=== Section Start ===

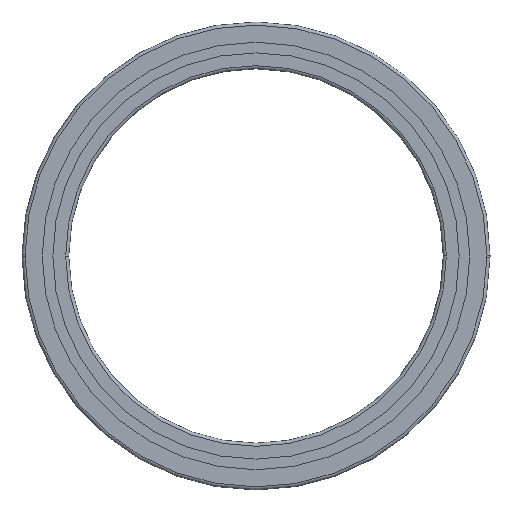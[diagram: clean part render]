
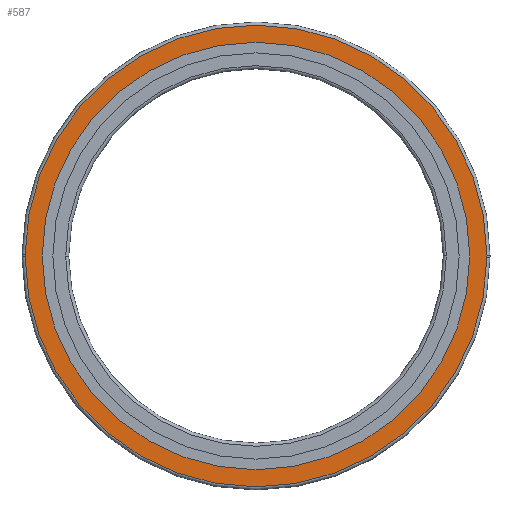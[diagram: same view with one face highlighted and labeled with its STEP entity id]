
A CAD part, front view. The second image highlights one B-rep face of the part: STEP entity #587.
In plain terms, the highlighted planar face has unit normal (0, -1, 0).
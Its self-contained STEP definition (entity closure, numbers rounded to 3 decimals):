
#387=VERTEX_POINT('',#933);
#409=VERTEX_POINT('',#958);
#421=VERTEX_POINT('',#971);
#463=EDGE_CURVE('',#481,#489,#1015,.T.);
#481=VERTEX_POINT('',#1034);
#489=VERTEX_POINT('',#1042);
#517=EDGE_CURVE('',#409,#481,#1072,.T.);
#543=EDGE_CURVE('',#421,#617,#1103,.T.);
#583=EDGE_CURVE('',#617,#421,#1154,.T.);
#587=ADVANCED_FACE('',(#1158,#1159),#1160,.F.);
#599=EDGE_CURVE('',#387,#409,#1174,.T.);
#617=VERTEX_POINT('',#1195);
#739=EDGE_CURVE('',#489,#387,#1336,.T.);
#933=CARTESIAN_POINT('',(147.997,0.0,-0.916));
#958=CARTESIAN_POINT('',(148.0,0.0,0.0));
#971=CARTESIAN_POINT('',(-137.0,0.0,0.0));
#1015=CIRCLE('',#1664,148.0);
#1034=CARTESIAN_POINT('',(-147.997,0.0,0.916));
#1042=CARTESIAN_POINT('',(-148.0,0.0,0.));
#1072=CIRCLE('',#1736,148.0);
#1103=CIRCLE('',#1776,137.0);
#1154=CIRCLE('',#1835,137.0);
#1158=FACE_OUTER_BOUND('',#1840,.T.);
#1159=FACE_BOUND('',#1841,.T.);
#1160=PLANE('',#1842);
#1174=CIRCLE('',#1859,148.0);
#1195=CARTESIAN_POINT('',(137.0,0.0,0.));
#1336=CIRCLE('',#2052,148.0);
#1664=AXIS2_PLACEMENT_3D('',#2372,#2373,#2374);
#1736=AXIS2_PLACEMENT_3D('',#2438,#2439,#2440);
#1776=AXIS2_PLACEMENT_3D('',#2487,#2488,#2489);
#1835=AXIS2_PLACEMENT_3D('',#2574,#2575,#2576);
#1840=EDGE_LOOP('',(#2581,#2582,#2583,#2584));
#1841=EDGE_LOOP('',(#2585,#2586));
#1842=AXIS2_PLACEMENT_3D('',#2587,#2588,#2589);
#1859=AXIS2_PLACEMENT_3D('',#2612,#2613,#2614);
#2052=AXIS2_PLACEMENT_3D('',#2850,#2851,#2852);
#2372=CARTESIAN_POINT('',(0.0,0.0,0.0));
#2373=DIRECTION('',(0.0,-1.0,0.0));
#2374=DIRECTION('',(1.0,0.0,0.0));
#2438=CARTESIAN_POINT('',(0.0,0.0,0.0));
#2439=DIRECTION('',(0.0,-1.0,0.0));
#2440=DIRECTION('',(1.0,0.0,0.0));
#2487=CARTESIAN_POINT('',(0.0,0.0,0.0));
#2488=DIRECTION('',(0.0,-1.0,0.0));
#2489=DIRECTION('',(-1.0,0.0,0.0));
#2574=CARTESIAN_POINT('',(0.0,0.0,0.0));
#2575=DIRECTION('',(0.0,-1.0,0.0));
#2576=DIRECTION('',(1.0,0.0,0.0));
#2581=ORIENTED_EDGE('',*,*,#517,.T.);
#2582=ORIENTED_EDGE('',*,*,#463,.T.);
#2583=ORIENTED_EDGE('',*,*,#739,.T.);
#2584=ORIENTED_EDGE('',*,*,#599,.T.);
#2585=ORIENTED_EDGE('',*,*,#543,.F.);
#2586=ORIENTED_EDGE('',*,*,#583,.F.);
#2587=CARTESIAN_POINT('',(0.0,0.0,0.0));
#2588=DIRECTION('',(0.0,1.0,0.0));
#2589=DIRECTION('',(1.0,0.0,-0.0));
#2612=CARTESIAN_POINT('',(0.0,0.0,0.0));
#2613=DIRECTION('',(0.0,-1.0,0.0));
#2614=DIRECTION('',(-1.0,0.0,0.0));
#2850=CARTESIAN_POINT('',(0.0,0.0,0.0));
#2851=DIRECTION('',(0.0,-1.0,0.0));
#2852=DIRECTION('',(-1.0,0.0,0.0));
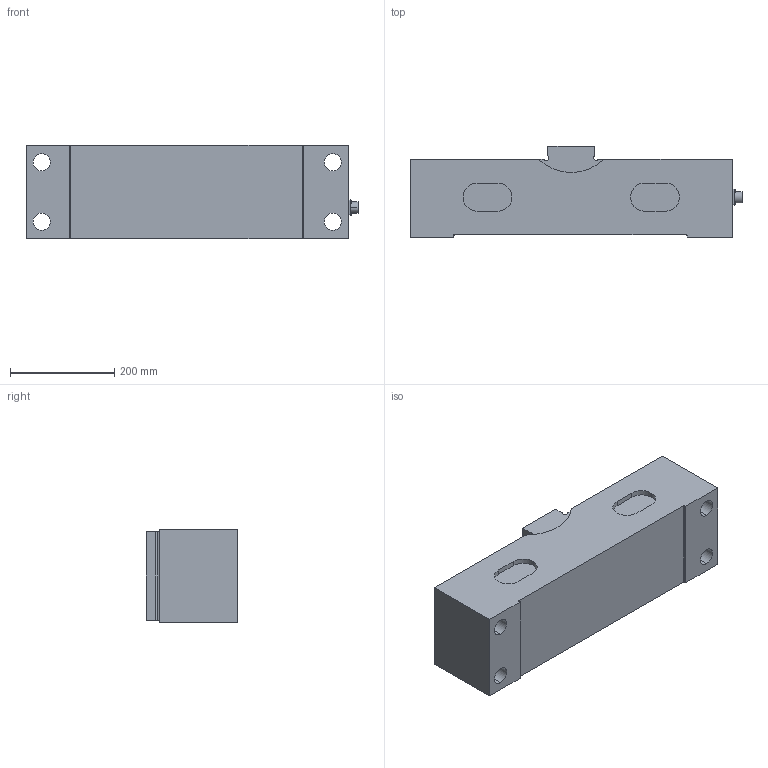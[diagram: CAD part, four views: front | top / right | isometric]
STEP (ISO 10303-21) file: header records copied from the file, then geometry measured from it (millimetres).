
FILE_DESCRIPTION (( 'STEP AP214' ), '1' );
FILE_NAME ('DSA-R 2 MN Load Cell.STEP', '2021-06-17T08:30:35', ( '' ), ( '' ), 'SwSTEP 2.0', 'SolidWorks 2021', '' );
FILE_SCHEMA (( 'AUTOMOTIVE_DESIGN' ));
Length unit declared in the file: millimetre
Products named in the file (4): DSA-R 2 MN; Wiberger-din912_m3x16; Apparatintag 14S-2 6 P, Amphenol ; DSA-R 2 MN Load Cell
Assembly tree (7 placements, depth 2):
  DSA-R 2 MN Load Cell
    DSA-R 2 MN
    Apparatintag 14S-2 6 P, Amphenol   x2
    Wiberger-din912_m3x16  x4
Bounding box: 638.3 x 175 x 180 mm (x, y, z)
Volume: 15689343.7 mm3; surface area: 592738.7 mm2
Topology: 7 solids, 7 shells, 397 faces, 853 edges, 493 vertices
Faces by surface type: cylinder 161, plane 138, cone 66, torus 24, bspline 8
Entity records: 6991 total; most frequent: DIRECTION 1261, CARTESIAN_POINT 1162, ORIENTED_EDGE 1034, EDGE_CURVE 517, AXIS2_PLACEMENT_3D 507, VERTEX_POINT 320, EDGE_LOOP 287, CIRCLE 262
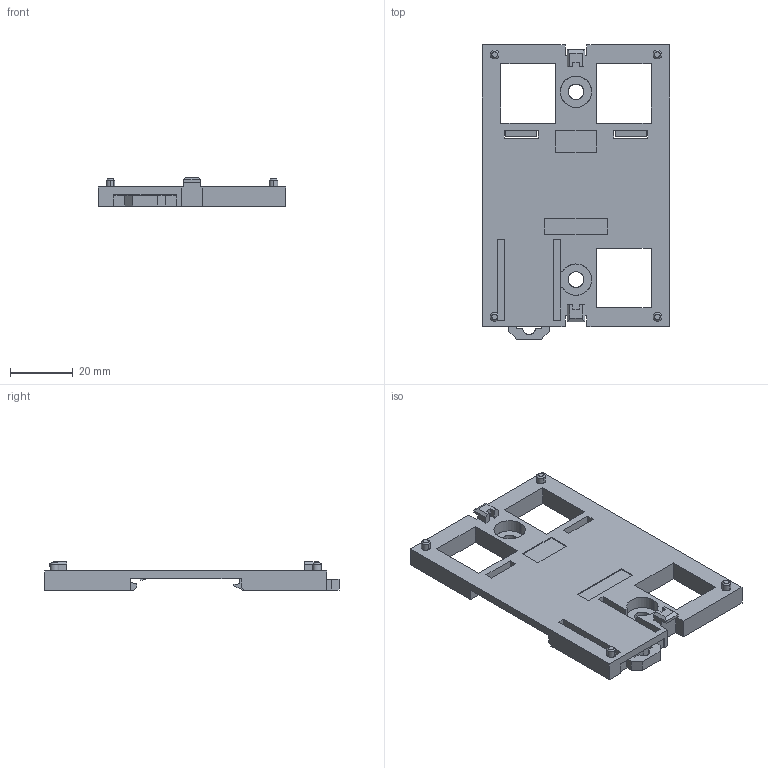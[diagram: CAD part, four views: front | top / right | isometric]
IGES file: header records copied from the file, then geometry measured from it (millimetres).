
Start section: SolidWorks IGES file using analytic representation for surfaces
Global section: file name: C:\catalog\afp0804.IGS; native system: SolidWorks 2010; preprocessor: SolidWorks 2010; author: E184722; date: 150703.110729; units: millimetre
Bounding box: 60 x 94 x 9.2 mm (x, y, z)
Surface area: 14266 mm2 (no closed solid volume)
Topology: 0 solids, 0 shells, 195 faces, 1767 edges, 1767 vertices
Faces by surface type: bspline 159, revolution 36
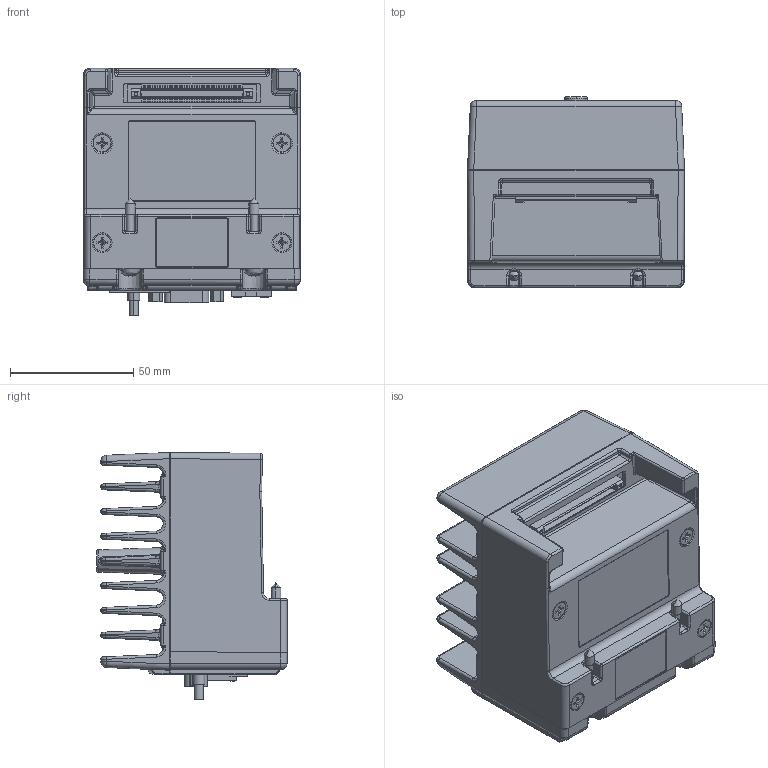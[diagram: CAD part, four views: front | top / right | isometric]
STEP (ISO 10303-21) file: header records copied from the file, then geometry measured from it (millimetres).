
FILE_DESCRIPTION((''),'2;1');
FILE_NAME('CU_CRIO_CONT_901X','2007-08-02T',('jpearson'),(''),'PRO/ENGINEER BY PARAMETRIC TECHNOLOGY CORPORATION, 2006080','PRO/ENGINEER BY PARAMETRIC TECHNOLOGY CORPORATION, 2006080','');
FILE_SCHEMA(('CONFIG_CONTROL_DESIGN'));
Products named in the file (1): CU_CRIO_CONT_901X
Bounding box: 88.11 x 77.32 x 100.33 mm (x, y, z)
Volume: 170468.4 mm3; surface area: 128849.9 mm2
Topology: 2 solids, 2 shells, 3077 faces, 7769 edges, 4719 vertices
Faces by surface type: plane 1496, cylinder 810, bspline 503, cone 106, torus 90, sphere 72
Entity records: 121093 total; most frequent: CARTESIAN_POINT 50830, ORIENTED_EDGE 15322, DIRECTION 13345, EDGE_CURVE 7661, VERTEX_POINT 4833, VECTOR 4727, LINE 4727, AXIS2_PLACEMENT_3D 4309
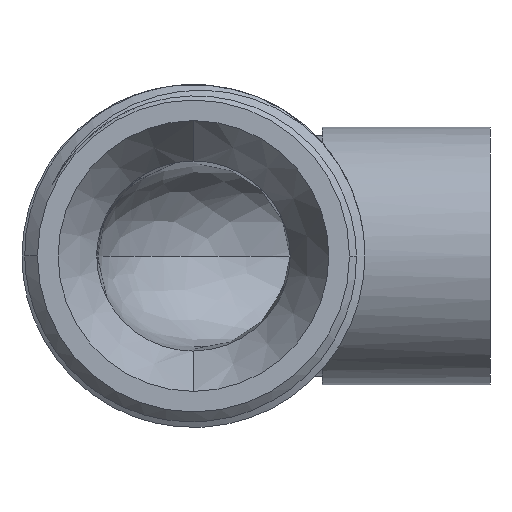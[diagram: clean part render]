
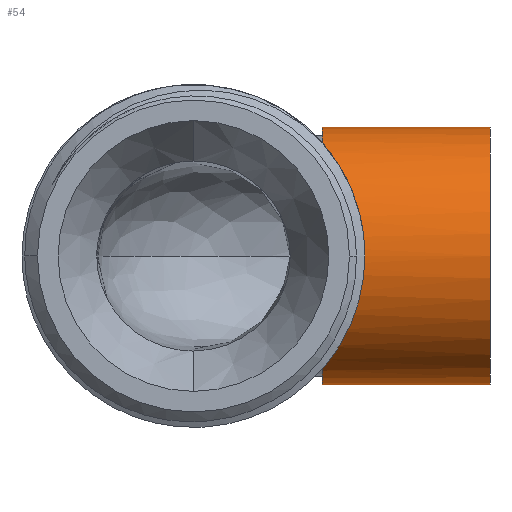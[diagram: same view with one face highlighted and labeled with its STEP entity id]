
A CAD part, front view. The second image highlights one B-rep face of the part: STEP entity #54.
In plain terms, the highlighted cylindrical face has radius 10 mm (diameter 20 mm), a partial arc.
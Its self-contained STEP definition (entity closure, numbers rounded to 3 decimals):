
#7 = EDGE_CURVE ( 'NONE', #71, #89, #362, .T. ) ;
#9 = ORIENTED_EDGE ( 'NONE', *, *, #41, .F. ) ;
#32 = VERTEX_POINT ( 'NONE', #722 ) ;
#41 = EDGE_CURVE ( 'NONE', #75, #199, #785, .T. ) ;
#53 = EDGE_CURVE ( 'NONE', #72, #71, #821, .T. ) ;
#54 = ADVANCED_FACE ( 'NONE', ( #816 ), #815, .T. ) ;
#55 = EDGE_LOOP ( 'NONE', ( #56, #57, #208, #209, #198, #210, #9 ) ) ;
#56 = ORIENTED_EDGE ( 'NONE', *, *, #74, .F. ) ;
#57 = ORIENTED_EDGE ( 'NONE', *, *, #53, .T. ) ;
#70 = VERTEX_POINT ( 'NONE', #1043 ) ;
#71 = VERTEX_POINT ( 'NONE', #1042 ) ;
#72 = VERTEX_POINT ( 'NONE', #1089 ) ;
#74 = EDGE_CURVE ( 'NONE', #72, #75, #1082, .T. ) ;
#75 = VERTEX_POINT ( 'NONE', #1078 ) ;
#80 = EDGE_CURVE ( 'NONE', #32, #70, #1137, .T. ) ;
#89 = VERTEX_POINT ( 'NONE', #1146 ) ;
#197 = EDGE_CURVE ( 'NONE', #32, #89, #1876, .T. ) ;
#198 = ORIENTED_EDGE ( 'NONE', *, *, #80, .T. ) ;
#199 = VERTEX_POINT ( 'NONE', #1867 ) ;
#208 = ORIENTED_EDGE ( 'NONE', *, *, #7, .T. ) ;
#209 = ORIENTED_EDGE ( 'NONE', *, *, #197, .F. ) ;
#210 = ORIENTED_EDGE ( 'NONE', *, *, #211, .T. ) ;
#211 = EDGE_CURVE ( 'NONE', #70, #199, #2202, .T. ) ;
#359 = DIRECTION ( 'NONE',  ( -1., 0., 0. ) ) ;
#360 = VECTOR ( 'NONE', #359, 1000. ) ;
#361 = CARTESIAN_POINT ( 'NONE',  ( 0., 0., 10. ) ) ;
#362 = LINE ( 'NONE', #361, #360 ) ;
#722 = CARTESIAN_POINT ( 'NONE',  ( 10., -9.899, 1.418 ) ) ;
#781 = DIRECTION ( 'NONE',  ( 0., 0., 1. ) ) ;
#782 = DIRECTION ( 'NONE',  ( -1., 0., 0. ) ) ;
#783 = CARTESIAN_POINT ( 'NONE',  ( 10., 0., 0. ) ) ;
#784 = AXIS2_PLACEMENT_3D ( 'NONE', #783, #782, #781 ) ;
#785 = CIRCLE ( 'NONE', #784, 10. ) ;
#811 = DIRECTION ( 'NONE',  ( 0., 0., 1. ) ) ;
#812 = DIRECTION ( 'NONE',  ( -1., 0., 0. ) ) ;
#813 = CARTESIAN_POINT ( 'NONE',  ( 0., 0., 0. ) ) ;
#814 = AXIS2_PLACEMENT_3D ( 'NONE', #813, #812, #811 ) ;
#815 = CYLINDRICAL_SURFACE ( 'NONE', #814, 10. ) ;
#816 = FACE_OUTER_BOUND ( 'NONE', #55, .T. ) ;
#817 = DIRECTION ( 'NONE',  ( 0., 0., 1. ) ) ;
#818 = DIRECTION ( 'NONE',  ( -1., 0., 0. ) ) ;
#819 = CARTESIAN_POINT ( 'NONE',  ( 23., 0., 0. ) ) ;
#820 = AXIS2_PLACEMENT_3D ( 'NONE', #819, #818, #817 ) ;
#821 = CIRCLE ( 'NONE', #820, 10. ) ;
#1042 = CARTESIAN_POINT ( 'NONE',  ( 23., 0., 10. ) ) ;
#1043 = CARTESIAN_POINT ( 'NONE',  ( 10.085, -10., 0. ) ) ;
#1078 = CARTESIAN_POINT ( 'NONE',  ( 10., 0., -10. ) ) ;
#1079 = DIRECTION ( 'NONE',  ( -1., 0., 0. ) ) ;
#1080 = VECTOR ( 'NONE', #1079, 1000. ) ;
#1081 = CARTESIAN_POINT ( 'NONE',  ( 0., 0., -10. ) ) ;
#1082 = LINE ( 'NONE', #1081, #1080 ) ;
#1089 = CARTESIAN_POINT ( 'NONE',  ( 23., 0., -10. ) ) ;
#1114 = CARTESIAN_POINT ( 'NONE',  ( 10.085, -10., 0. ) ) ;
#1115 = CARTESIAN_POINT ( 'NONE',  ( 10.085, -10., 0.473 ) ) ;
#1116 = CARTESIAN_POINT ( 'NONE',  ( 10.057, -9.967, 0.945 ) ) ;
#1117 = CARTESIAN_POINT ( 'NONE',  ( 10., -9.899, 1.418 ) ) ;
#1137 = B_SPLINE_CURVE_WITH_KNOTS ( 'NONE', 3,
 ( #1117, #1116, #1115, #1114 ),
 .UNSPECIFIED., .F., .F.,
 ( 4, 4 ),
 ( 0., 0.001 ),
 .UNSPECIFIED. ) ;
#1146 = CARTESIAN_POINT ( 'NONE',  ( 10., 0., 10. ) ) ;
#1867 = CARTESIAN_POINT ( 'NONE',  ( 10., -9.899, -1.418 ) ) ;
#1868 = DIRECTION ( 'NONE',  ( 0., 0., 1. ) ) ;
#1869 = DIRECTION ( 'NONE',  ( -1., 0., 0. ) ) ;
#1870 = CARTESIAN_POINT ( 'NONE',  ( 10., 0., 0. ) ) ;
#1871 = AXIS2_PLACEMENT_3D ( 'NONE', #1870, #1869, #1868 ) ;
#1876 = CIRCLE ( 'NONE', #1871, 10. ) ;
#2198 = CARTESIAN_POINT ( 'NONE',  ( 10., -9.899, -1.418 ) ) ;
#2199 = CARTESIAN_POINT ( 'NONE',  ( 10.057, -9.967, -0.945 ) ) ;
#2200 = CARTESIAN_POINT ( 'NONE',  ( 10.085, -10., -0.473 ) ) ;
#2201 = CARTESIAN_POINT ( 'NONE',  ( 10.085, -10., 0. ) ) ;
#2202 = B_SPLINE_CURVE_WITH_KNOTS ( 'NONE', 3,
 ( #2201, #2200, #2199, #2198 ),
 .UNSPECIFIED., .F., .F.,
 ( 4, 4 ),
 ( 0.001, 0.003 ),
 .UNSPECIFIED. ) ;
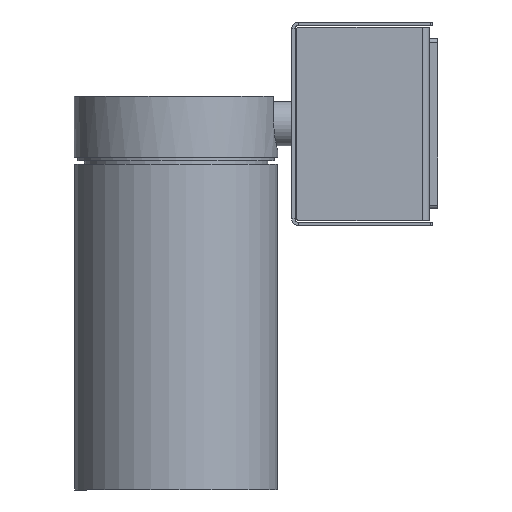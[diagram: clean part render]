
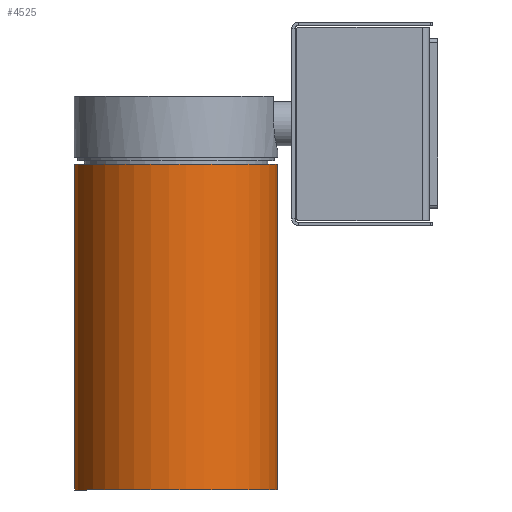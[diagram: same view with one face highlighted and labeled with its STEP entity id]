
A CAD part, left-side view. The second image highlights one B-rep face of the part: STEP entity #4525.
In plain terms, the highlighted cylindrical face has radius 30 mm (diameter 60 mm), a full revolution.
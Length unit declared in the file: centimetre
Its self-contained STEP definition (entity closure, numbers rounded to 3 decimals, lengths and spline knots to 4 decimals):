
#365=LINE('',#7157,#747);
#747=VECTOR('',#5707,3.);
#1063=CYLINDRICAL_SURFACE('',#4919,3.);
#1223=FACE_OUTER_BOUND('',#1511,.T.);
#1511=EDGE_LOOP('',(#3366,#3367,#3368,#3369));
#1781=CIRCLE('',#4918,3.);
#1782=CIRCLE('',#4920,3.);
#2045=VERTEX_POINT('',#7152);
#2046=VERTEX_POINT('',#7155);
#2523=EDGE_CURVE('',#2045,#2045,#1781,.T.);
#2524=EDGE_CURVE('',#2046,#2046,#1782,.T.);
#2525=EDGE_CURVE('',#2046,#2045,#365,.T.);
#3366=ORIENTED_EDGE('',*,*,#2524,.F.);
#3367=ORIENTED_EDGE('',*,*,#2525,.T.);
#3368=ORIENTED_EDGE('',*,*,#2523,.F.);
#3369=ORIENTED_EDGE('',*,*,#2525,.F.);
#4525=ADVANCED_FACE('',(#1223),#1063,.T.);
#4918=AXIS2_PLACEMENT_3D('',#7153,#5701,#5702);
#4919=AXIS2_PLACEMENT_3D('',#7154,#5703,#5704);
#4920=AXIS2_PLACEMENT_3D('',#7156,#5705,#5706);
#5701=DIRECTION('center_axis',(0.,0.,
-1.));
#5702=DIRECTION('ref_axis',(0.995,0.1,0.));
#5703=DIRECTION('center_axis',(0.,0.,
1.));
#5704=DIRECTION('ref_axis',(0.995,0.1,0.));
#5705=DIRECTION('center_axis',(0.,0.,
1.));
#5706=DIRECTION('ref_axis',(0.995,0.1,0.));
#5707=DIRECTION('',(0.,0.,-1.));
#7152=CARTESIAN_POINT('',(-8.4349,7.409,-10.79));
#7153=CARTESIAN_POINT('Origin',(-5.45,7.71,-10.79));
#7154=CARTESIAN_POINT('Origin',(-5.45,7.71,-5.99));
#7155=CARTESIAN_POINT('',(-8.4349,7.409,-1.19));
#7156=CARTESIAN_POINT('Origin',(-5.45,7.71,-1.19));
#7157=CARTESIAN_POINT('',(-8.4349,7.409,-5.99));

=== Section End ===

#### What needs to be done
Reproduce the data above word for word from its first line through the line that holds "#387=VERTEX_POINT('',#933);", both ends included; skip pictures.

#### Your response
[diagram: clean part render]
[diagram: same view with one face highlighted and labeled with its STEP entity id]
A CAD part, front view. The second image highlights one B-rep face of the part: STEP entity #587.
In plain terms, the highlighted planar face has unit normal (0, -1, 0).
Its self-contained STEP definition (entity closure, numbers rounded to 3 decimals):
#387=VERTEX_POINT('',#933);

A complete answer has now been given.